Durante los 9 capítulos de la serie, se tratan temas como la corrupción, el tráfico de órganos, la lealtad o la ética. No obstante, el tema principal que está detrás de toda la serie es la desigualdad social y la falta de oportunidades, dado que son éstas las que llevan a un total de 456 participantes a arriesgar sus vidas y a actuar como salvajes por cientos de miles de millones de wones, tanto durante los juegos, como durante la convivencia.

No os engañamos si os decimos que la factura técnica de “El juego del calamar” es francamente brillante. Tampoco lo hacemos si os decimos que es una muy buena serie, que está fantásticamente interpretada y que, a pesar de las incoherencias que presenta (la principal, la desaparición de casi 500 personas por edición –y llevan más de 15- a las que nadie parece reclamar ni echar de menos), es una serie que llama la atención por poner al ser humano frente a un espejo que nos presenta nuestra peor cara.

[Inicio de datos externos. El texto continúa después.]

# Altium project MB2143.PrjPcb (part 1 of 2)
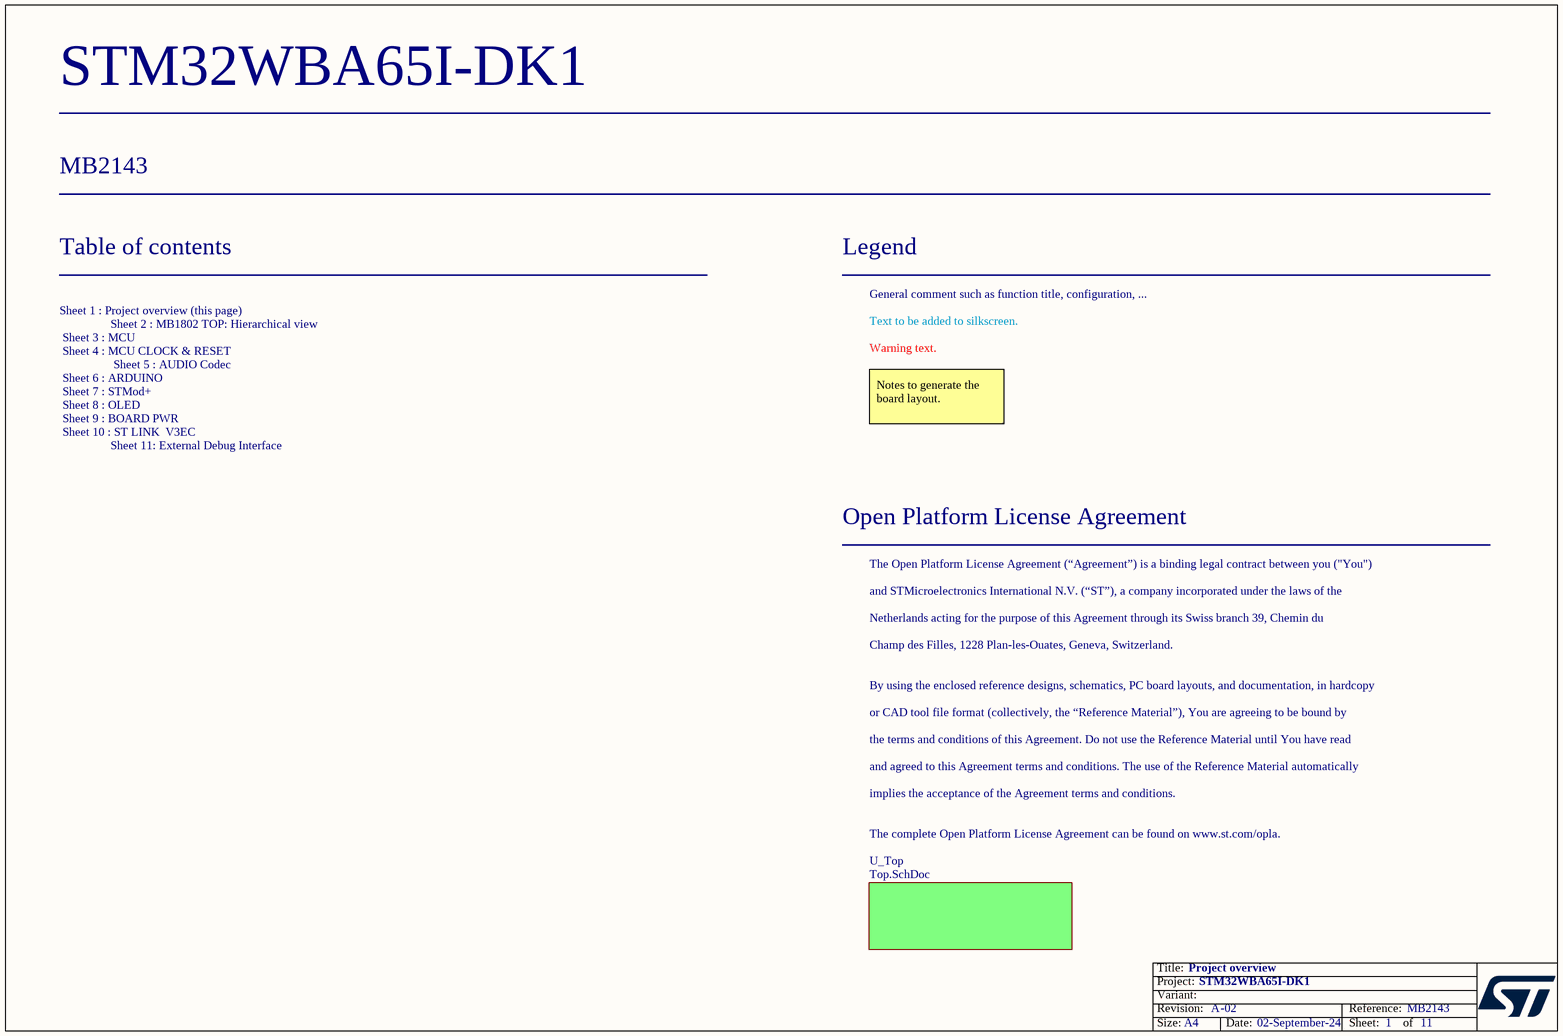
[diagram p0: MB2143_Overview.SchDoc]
Board_Assembly_Revision: 02; Board_Document_Date: 02-September-24; Board_Name: STM32WBA65I-DK1; Board_PCB_Revision: A; Board_Reference: MB2143
10 sheets, 267 parts. Net scope: flat (ports and power ports of the same name join across sheets).
Board file: MB2143.PcbDoc
Sheets:
  MB2143_Overview.SchDoc
    U_Top = Top.SchDoc
      U_Board_Power = Board_Power.SchDoc
      U_External_Debug_Interface = External_Debug_Interface.SchDoc
      U_OLED = OLED.SchDoc
      U_STLink_V3EC = STLink_V3EC.SchDoc
      U_MCU = MCU.SchDoc
      U_Arduino = Arduino.SchDoc
      U_USB_Joystick_Reset = USB_Joystick_Reset.SchDoc
      U_Audio_Codec = Audio_Codec.SchDoc

## Sheet MB2143_Overview.SchDoc: Project overview
size A4; Date: Not used; ApprovedBy: Not used; CheckedBy: Not used; Author: Not used; CompanyName: STMicroelectronics; DrawnBy: Not used; Engineer: Not used; Organization: Not used; Address1: Not used; Address2: Not used; Address3: Not used; Address4: Not used; DocumentNumber: 1; Revision: Not used; SheetNumber: 1; SheetTotal: 11

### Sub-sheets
U_Top = Top.SchDoc: no entries

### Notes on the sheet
- Table of contents
- Legend
- General comment such as function title, configuration, ...
- Text to be added to silkscreen.
- Warning text.
- Notes to generate the board layout.
- Open Platform License Agreement
- The Open Platform License Agreement (“Agreement”) is a binding legal contract between you ("You")
- and STMicroelectronics International N.V. (“ST”), a company incorporated under the laws of the
- Netherlands acting for the purpose of this Agreement through its Swiss branch 39, Chemin du
- Champ des Filles, 1228 Plan-les-Ouates, Geneva, Switzerland.
- Sheet 1 : Project overview (this page)
  Sheet 2 : MB1802 TOP: Hierarchical view
  Sheet 3 : MCU
  Sheet 4 : MCU CLOCK & RESET
  Sheet 5 : AUDIO Codec
  Sheet 6 : ARDUINO
  Sheet 7 : STMod+
  Sheet 8 : OLED
  Sheet 9 : BOARD PWR
  Sheet 10 : ST LINK  V3EC
  Sheet 11: External Debug Interface
- By using the enclosed reference designs, schematics, PC board layouts, and documentation, in hardcopy
- or CAD tool file format (collectively, the “Reference Material”), You are agreeing to be bound by
- the terms and conditions of this Agreement. Do not use the Reference Material until You have read
- and agreed to this Agreement terms and conditions. The use of the Reference Material automatically
- implies the acceptance of the Agreement terms and conditions.
- The complete Open Platform License Agreement can be found on www.st.com/opla.

## Sheet Top.SchDoc: Schematic sheet title to update
size A4; Date: Not used; ApprovedBy: Not used; CheckedBy: Not used; Author: Not used; CompanyName: STMicroelectronics; DrawnBy: Not used; Engineer: Not used; Organization: Not used; Address1: Not used; Address2: Not used; Address3: Not used; Address4: Not used; DocumentNumber: Not used; Revision: Not used; SheetNumber: 2; SheetTotal: 11
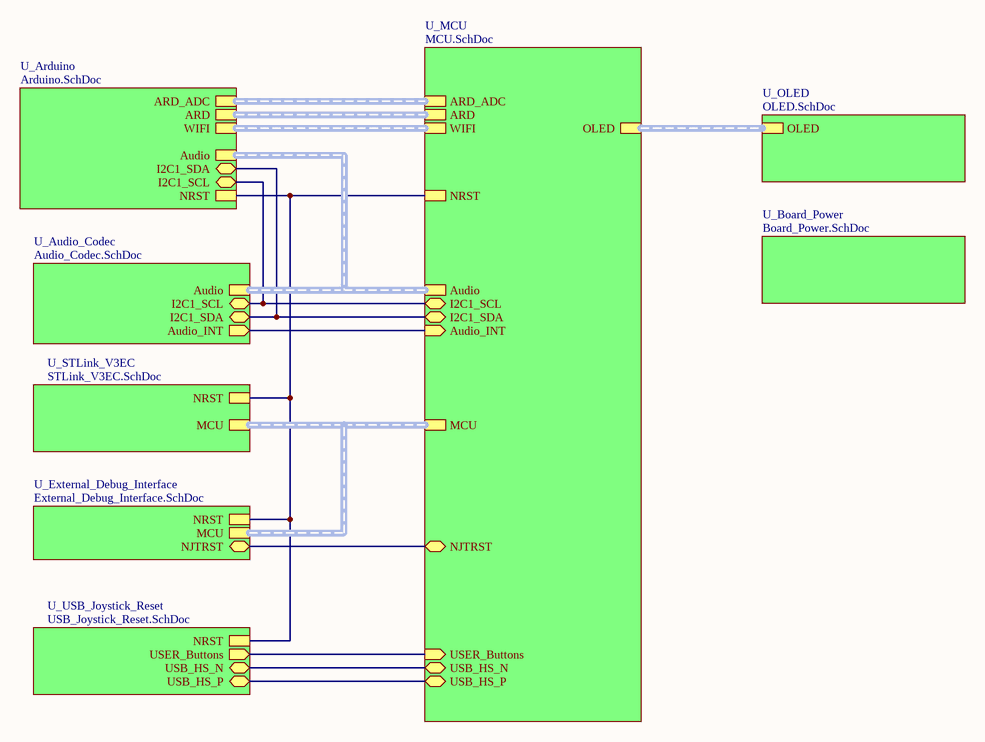
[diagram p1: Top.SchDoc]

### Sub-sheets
U_Arduino = Arduino.SchDoc: ARD (harness ARD), ARD_ADC (harness ARD_ADC), I2C1_SDA (bidir), I2C1_SCL (bidir), WIFI (harness WIFI), Audio (harness Audio), NRST
U_Audio_Codec = Audio_Codec.SchDoc: Audio (harness Audio), Audio_INT (out), I2C1_SDA (bidir), I2C1_SCL (bidir)
U_Board_Power = Board_Power.SchDoc: no entries
U_External_Debug_Interface = External_Debug_Interface.SchDoc: MCU (harness MCU), NJTRST (bidir), NRST
U_MCU = MCU.SchDoc: Audio (harness Audio), ARD_ADC (harness ARD_ADC), ARD (harness ARD), MCU (harness MCU), OLED (harness OLED), USER_Buttons (in), NJTRST (bidir), USB_HS_N (bidir), USB_HS_P (bidir), I2C1_SDA (bidir), I2C1_SCL (bidir), WIFI (harness WIFI), Audio_INT (in), NRST
U_OLED = OLED.SchDoc: OLED (harness OLED)
U_STLink_V3EC = STLink_V3EC.SchDoc: MCU (harness MCU), NRST
U_USB_Joystick_Reset = USB_Joystick_Reset.SchDoc: USER_Buttons (out), USB_HS_N (bidir), USB_HS_P (bidir), NRST

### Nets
(unnamed): sheet U_External_Debug_Interface/NJTRST, sheet U_MCU/NJTRST
(unnamed): sheet U_External_Debug_Interface/NRST, sheet U_STLink_V3EC/NRST, sheet U_MCU/NRST, sheet U_Arduino/NRST, sheet U_USB_Joystick_Reset/NRST  [a separate net that carries the same name]
(unnamed): sheet U_MCU/USER_Buttons, sheet U_USB_Joystick_Reset/USER_Buttons  [a separate net that carries the same name]
(unnamed): sheet U_MCU/USB_HS_N, sheet U_USB_Joystick_Reset/USB_HS_N  [a separate net that carries the same name]
(unnamed): sheet U_MCU/USB_HS_P, sheet U_USB_Joystick_Reset/USB_HS_P  [a separate net that carries the same name]
(unnamed): sheet U_MCU/I2C1_SDA, sheet U_Arduino/I2C1_SDA, sheet U_Audio_Codec/I2C1_SDA  [a separate net that carries the same name]
(unnamed): sheet U_MCU/I2C1_SCL, sheet U_Arduino/I2C1_SCL, sheet U_Audio_Codec/I2C1_SCL  [a separate net that carries the same name]
(unnamed): sheet U_MCU/Audio_INT, sheet U_Audio_Codec/Audio_INT  [a separate net that carries the same name]

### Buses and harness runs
harness sheet U_Arduino/ARD = sheet U_MCU/ARD
harness sheet U_Arduino/ARD_ADC = sheet U_MCU/ARD_ADC
harness sheet U_Arduino/Audio = sheet U_Audio_Codec/Audio = sheet U_MCU/Audio
harness sheet U_Arduino/WIFI = sheet U_MCU/WIFI
harness sheet U_External_Debug_Interface/MCU = sheet U_MCU/MCU = sheet U_STLink_V3EC/MCU
harness sheet U_MCU/OLED = sheet U_OLED/OLED

## Sheet Board_Power.SchDoc: Board_Power
size A4; Date: Not used; ApprovedBy: Not used; CheckedBy: Not used; Author: Not used; CompanyName: STMicroelectronics; DrawnBy: Not used; Engineer: Not used; Organization: Not used; Address1: Not used; Address2: Not used; Address3: Not used; Address4: Not used; DocumentNumber: Not used; Revision: Not used; SheetNumber: 9; SheetTotal: 11
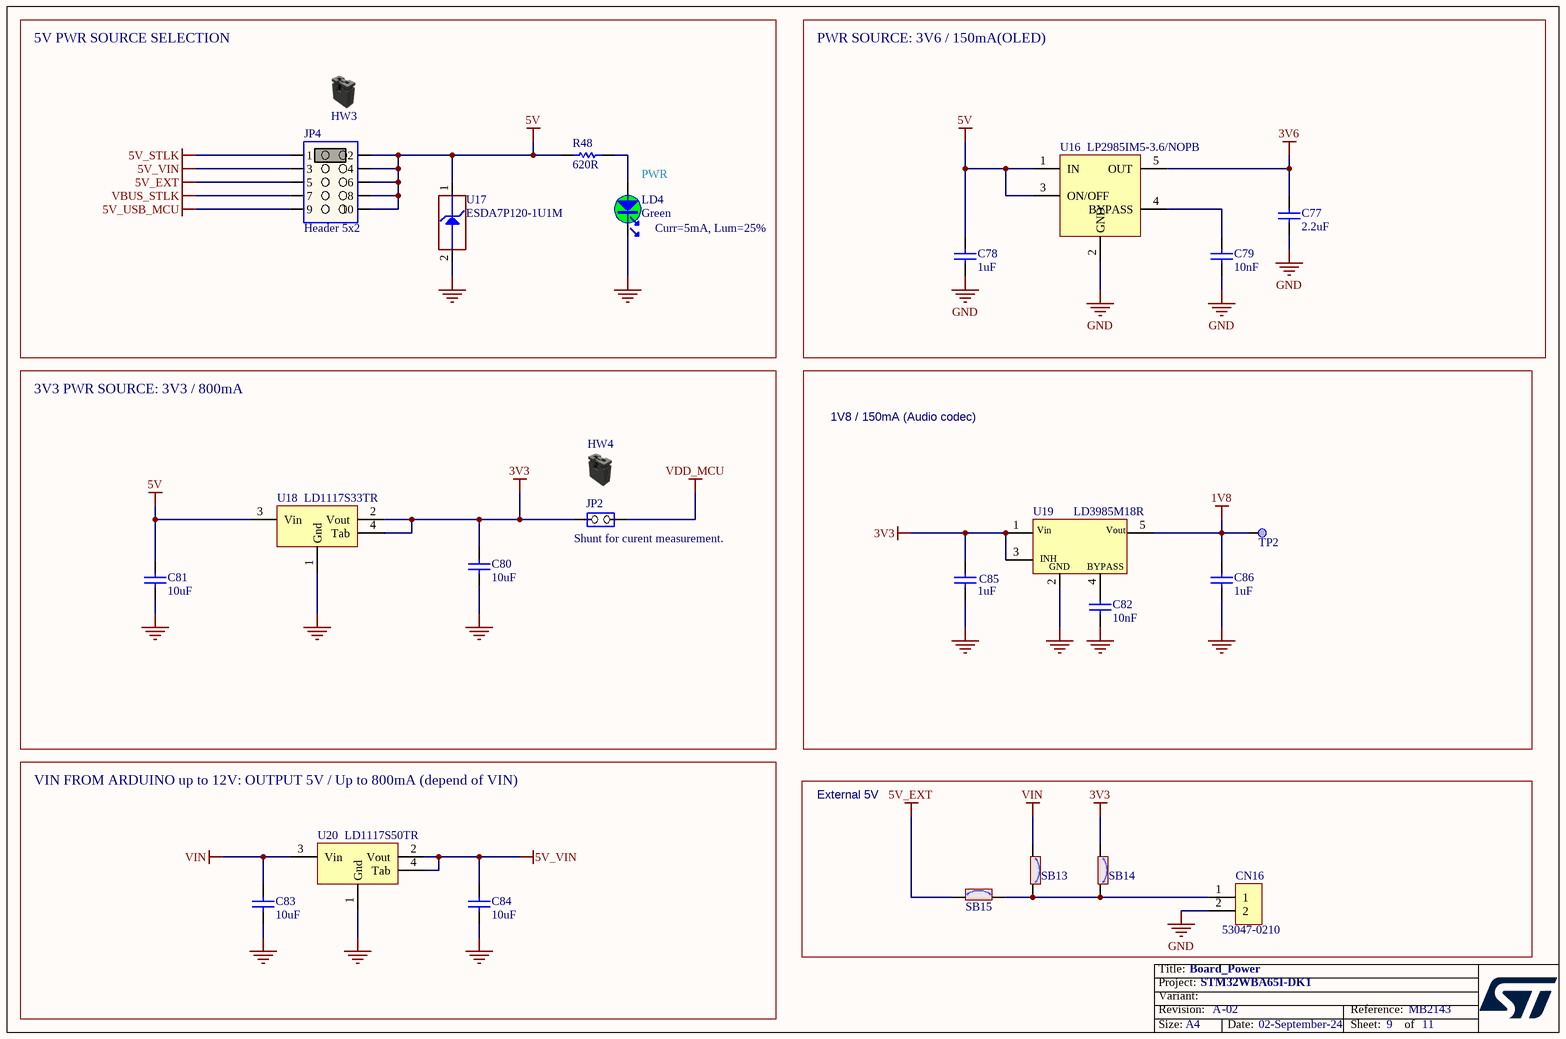
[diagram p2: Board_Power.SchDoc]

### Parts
C77  value 2.2uF  [C0603]  (hidden comment: Capacitor)
C78  value 1uF  [C0603]  (hidden comment: Capacitor)
C79  value 10nF  [C0402]  (hidden comment: Capacitor)
C80  value 10uF  [C0603]  (hidden comment: Capacitor)
C81  value 10uF  [C0603]  (hidden comment: Capacitor)
C82  value 10nF  [C0402]  (hidden comment: Capacitor)
C83  value 10uF  [C0603]  (hidden comment: Capacitor)
C84  value 10uF  [C0603]  (hidden comment: Capacitor)
C85  value 1uF  [C0402]  (hidden comment: Capacitor)
C86  value 1uF  [C0402]  (hidden comment: Capacitor)
CN16  Manufacturer_Part_Number: 53047-0210  [CON_MOLEX_53047-0210]  (hidden comment: Header 2x1)
HW3  (no value)  (mechanical)
HW4  Shunt Black 2.54mm  (value not drawn)  (mechanical)
JP2  value Shunt for curent measurement.  [CON_SAMTEC_TSW-102-07-G-S]  (hidden comment: Jumper_Header 2x1)
JP4  value Header 5x2  [CON_SAMTEC_TSW-105-07-X-D]  (hidden comment: Jumper_Header 5x2 Fitted 1-2)
LD4  value Green  [LED_0603_OSRAM_LG-Q396-PS-35_GREEN_1A2K_H0P4]  (hidden comment: LED_green)
R48  value 620R  [R0402]
SB13  (no value)  [SOLDER-BRIDGE_R0603-0R]
SB14  (no value)  [SOLDER-BRIDGE_R0603-0R]
SB15  (no value)  [SOLDER-BRIDGE_R0603-0R]
TP2  Test Point  [TP_SMD_0-3MM]  (value not drawn)  (no BOM)
U16  LP2985IM5-3.6/NOPB  [REG_SOT23-5L]
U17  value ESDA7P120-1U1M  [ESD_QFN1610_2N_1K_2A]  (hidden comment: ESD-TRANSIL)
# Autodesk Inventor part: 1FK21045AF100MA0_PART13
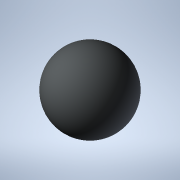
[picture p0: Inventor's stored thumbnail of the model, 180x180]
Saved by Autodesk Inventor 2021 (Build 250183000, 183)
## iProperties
Created: 2025-04
Part Number: 1FK21045AF100MA0_PART13
Material: Generic
Catalog Web Link: www.3dfindit.com
Description: -Servo synchronous motor
Document SubType Name: Modeling
Designer: psAdmin
Mass: 0.137258 g
Surface Area: 1.2868 cm^2
Volume: 0.137258 cm^3
Density: 1 g/cm^3
Appearance: PSOLRGB-212-217-219
Category: PARTsolutions
Title: 1FK21045AF100MA0_PART13
Author: Cadenas PARTsolutions
Comments: Servo synchronous motor
Sending System: PARTsolutions
Preprocessor: ST-DEVELOPER v19.3
PSOL_IDENT_0: {$CADENAS_DATA/23d-libs/siemens_ag/_cat_/52/6b/1fk21045af100ma0.prj},216 {VTYP=3D},{NB=1FK21045AF100
PSOL_IDENT_1: MA0_PART13},{LINA=1FK21045AF100MA0_PART13},{NN=1FK21045AF100MA0_PART13},{NOPRJ=TRUE},{DATE=19.08.202
PSOL_IDENT_2: 5 14:00:38},{GEOMDATE=30.07.2025 02:01:45},{VERSION=},{LINEID=10},{WBVAR=},{WBNUMERIC=}  {NB=1FK2104
PSOL_IDENT_3: 5AF100MA0_PART13},{LINA=1FK21045AF100MA0_PART13},{KT=DUMMY},{PREVIEW=../../../_pool_/cb/72/p_d211_xx
PSOL_IDENT_4: _00434j.png},{DESCSHORT=SIMOTICS S-1FK2 HD, SINAMICS S210 3AC 400V-480V, 2.4 Nm, 3000 rpm},{DESCLONG=
PSOL_IDENT_5: SIMOTICS S-1FK2 HD servo motor M0=2.4 Nm; PN = 0.75 kW at nN=3000 rpm (380-480 V); PN = 0.375 kW at
PSOL_IDENT_6: nN=1500 rpm (200-240 V); with holding brake; degree of protection IP64; cylindrical shaft D19x40mm;
PSOL_IDENT_7: absolute encoder 22-bit + 12-bit multiturn (encoder AM22DQC); with OCC interface; plug size M17, rot
PSOL_IDENT_8: atable; SIMOTICS S-1FK2 servomotorfor a wide range of uses in industrial environments. SIMOTICS S‑1F
PSOL_IDENT_9: K2 servomotors are compact synchronous motors with a high dynamic performance that set themselves ap
PSOL_IDENT_10: art as a result of their high power density, degree of protection and overload capability. The motor
PSOL_IDENT_11: s are available in two variants: as High Dynamic variant (highest dynamic performance as a result of
PSOL_IDENT_12: the low intrinsic moment of inertia for applications demanding a high dynamic performance with low
PSOL_IDENT_13: moved masses) - and as Compact variant (precise and stable closed-loop control for medium up to larg
PSOL_IDENT_14: e moved masses as a result of a medium intrinsic moment of inertia). SIMOTICSS‑1FK2 servomotors full
PSOL_IDENT_15: y exploit their strengths in a system with the SINAMICSS210 frequency converter and simple connectio
PSOL_IDENT_16: n using the one cable connection (OCC). Advantages include the short control and positioning times,
PSOL_IDENT_17: fast and precise correction of disturbing quantities as well as stable control with a high dynamic p
PSOL_IDENT_18: erformance. The servo motors can be configured to address a wide range of requirements. For example
PSOL_IDENT_19: with and without holding brake, IP64 or IP65 degree of protection, singleturn or multiturn absolute
PSOL_IDENT_20: encoders - to name just a few. Further, the servomotors are available in different shaft heights ext
PSOL_IDENT_21: ending from 20 to 100. A shaft sealing ring is available to achieve an IP65 degree of protection and
PSOL_IDENT_22: for subsequent mounting at the motor or as spare part. SIMOTICS - the optimum motor for each and ev
PSOL_IDENT_23: ery motion control application.},{INTNO=804766906411},{SUPPLIERALTNO=1FK2104-5AF10-0MA0},{MANUID=1FK
PSOL_IDENT_24: 21045AF100MA0},{MANUNAME=Siemens},{MANUTYPEDESC=Synchronous motor 1FK2-HD 2.4 NM},{AAU732=SIMOTICS},
PSOL_IDENT_25: {AAO057=S-1FK2},{AAU734=SIMOTICS S-1FK2 HD servo motor M0=2.4 Nm; PN = 0.75 kW at nN=3000 rpm (380-4
PSOL_IDENT_26: 80 V); PN = 0.375 kW at nN=1500 rpm (200-240 V); with holding brake; degree of protection IP64; cyli
PSOL_IDENT_27: ndrical shaft D19x40mm; absolute encoder 22-bit + 12-bit multiturn (encoder AM22DQC); with OCC inter
PSOL_IDENT_28: face; plug size M17, rotatable;},{AAW338=Synchronous motor 1FK2-HD 2.4 NM},{AAO742=SIMOTICS},{AAO663=
PSOL_IDENT_29: 4042948693070},{NOCUPEROU=1},{PRICEQUANTITY=1},{QUANTITYMIN=1},{QUANTITYINT=1},{CTN=85015100},{COO=D
PSOL_IDENT_30: E},{AAO676=1FK2104-5AF10-0MA0},{AAO677=Siemens AG},{ORDERUNIT=C62},{CONTENTUNIT=C62}
NB: 1FK21045AF100MA0_PART13
NT: Servo synchronous motor
NBSYN: $MANUID._PART13
LINA: 1FK21045AF100MA0_PART13
CATALOG: SIEMENS
PREVIEW: ../../../_pool_/cb/72/p_d211_xx_00434j.png
DESCSHORT: SIMOTICS S-1FK2 HD, SINAMICS S210 3AC 400V-480V, 2.4 Nm, 3000 rpm
DESCLONG: SIMOTICS S-1FK2 HD servo motor M0=2.4 Nm; PN = 0.75 kW at nN=3000 rpm (380-480 V); PN = 0.375 kW at nN=1500 rpm (200-240 V); with holding brake; degree of prote
INTNO: 804766906411
SUPPLIERALTNO: 1FK2104-5AF10-0MA0
MANUID: 1FK21045AF100MA0
MANUNAME: Siemens
MANUTYPEDESC: Synchronous motor 1FK2-HD 2.4 NM
AAU732: SIMOTICS
AAO057: S-1FK2
AAU734: SIMOTICS S-1FK2 HD servo motor M0=2.4 Nm; PN = 0.75 kW at nN=3000 rpm (380-480 V); PN = 0.375 kW at nN=1500 rpm (200-240 V); with holding brake; degree of prote
AAW338: Synchronous motor 1FK2-HD 2.4 NM
AAO742: SIMOTICS
AAO663: 4042948693070.0
NOCUPEROU: 1
PRICEQUANTITY: 1
QUANTITYMIN: 1
QUANTITYINT: 1
CTN: 85015100
COO: DE
ARTICLENO: 1FK21045AF100MA0_PART13
BOMINFO: 1FK21045AF100MA0_PART13
CREATOR: CADENAS GmbH
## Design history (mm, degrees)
feature "2025_04_17_15_34_52_0317"
body "Solid1"

Con todo, sí que os engañaríamos si os dijésemos que "El juego del calamar" es una serie para todos los públicos, dado que es, con diferencia, el producto de ficción más duro que hemos visto en muchos años. Y lo es tanto por su argumento (difícil de comprender por todos los menores que, inexplicablemente, la están viendo o han visto ya) como por su contenido extremadamente violento y que, en ocasiones, se recrea mostrando imágenes como cráneos reventados, balazos, violentas reyertas entre los participantes, asesinatos a sangre fría o, incluso, incineraciones de cuerpos aún con vida.

Se trata, por tanto, de una serie en la que la falta de humanidad es más que palpable y que, por la crudeza de sus imágenes, provoca que en muchas ocasiones sea muy difícil ver más allá de esas imágenes. En nuestro caso concreto, y pese a que nuestra valoración final es positiva, no volveríamos a verla de nuevo al haber sido las imágenes que la serie nos ha presentado demasiado fuertes y muy delicadas de visionar por personas sensibles y menores como los que, en la actualidad, se dedican a replicar los juegos de la serie en las escuelas.

Por todo ello, os aconsejamos que valoréis qué tipo de espectadores sois antes de decidir si es o no es para vosotros, pero, sobre todo, os recomendamos encarecidamente que los menores que tengáis a vuestro cargo no accedan a ella de ninguna de las maneras.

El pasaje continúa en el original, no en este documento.